Your a good friend, more wine. Lol!
ROBBYBOBBY64.


----------



## Mjbottle

Very nice! Good idea!


----------



## ccpe

UncleBruce said:


> That is a great idea.  Wish I had a place that yielded nice glass like that.


I wish the sites had more intact bottles but I'll take the broken too.


----------



## Toma777

It reminds me of beach glass. One of my older brothers used to always pick up beach glass, and fill old mason jars with in. He did it when he lived in New Hampshire (about 1980-2010). He's in Florida now, and I'm not sure if he walks the beach anymore.

I wish I had those jars. He didn't pay on his NH storage units, and they got auctioned off.


----------



## ccpe

Toma777 said:


> It reminds me of beach glass. One of my older brothers used to always pick up beach glass, and fill old mason jars with in. He did it when he lived in New Hampshire (about 1980-2010). He's in Florida now, and I'm not sure if he walks the beach anymore.
> 
> I wish I had those jars. He didn't pay on his NH storage units, and they got auctioned off.
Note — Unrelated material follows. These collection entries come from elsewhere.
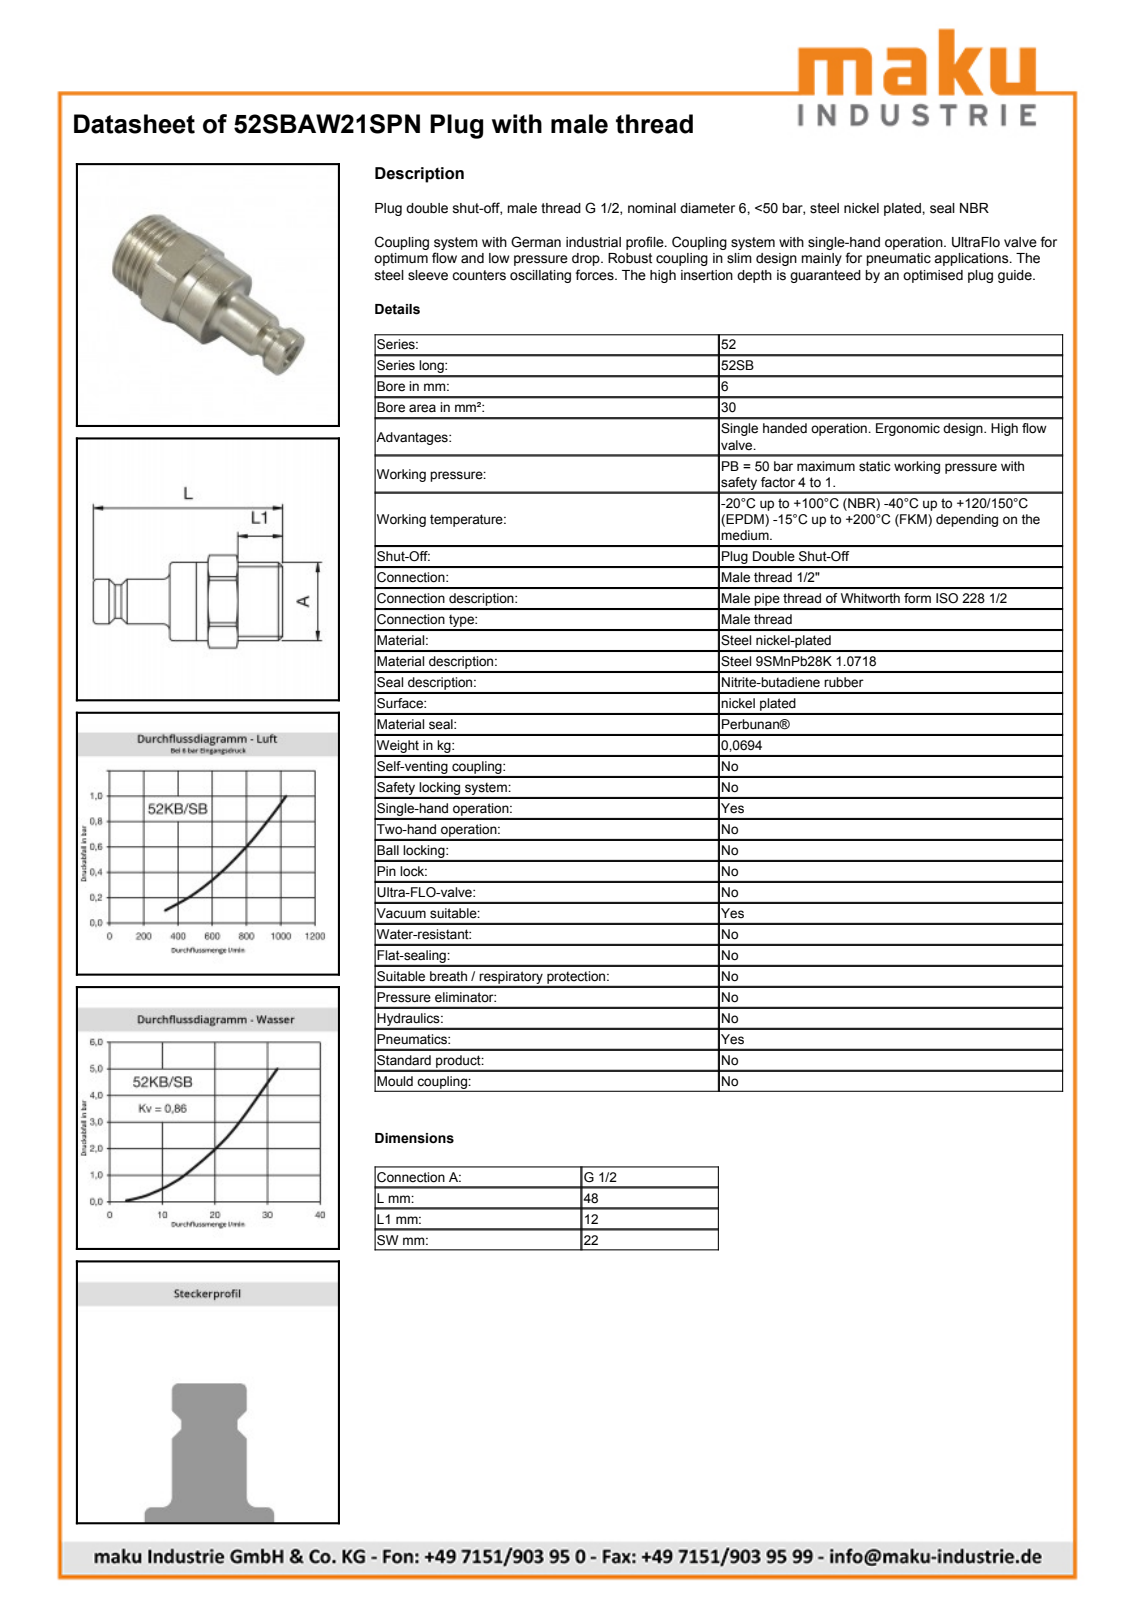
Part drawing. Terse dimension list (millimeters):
name: D105399
written by: Autodesk Inventor 2011 (AUTOMOTIVE_DESIGN)
unit: mm
bodies: 1 solid, 49 faces (14 planar, 15 cylindrical, 20 other)
size: 50.6 × 24.46 × 23.9
volume: 13 063 mm³; area: 4 013 mm²
holes: 1× ⌀17.15
bosses: 1× ⌀21, 1× ⌀20.95, 1× ⌀16.87, 1× ⌀11.95, 1× ⌀8.9
rounds: 1× R12.4
face distances: 22, 30.2, 20.4, 50.6, 38.6, 18.2, 12, 30.6, 10.2, 8

I'm FL and haven't found any glass on the beaches yet.  I'm always looking for fossil shark teeth.  Total bummer about the storage unit - that glass would be awesome!


----------



## Toma777

I used to collect the fossil shark teeth when I lived in Myrtle Beach, SC. Before I moved I gave my collection to a friend. There were tons of them because when I lived there they reconstituted the beach by dredging the outer sand bars.


----------



## ROBBYBOBBY64

Toma777 said:


> I used to collect the fossil shark teeth when I lived in Myrtle Beach, SC. Before I moved I gave my collection to a friend. There were tons of them because when I lived there they reconstituted the beach by dredging the outer sand bars.
> View attachment 226494


I recognize that background. 383matty? Small world. Your one of my saved sellers.
ROBBYBOBBY64.


----------



## embe

ccpe said:


> I kept finding so much broken glass that I decided to put it through my rock tumbler to use for my garden path.  I'm going to add rope lights under the glass.  The pics are of about 10 gallons.  I'm going to need a lot more!  80% is found glass and the other 20% is flea market/thrift shop glass.  The photos show the path dry and wet.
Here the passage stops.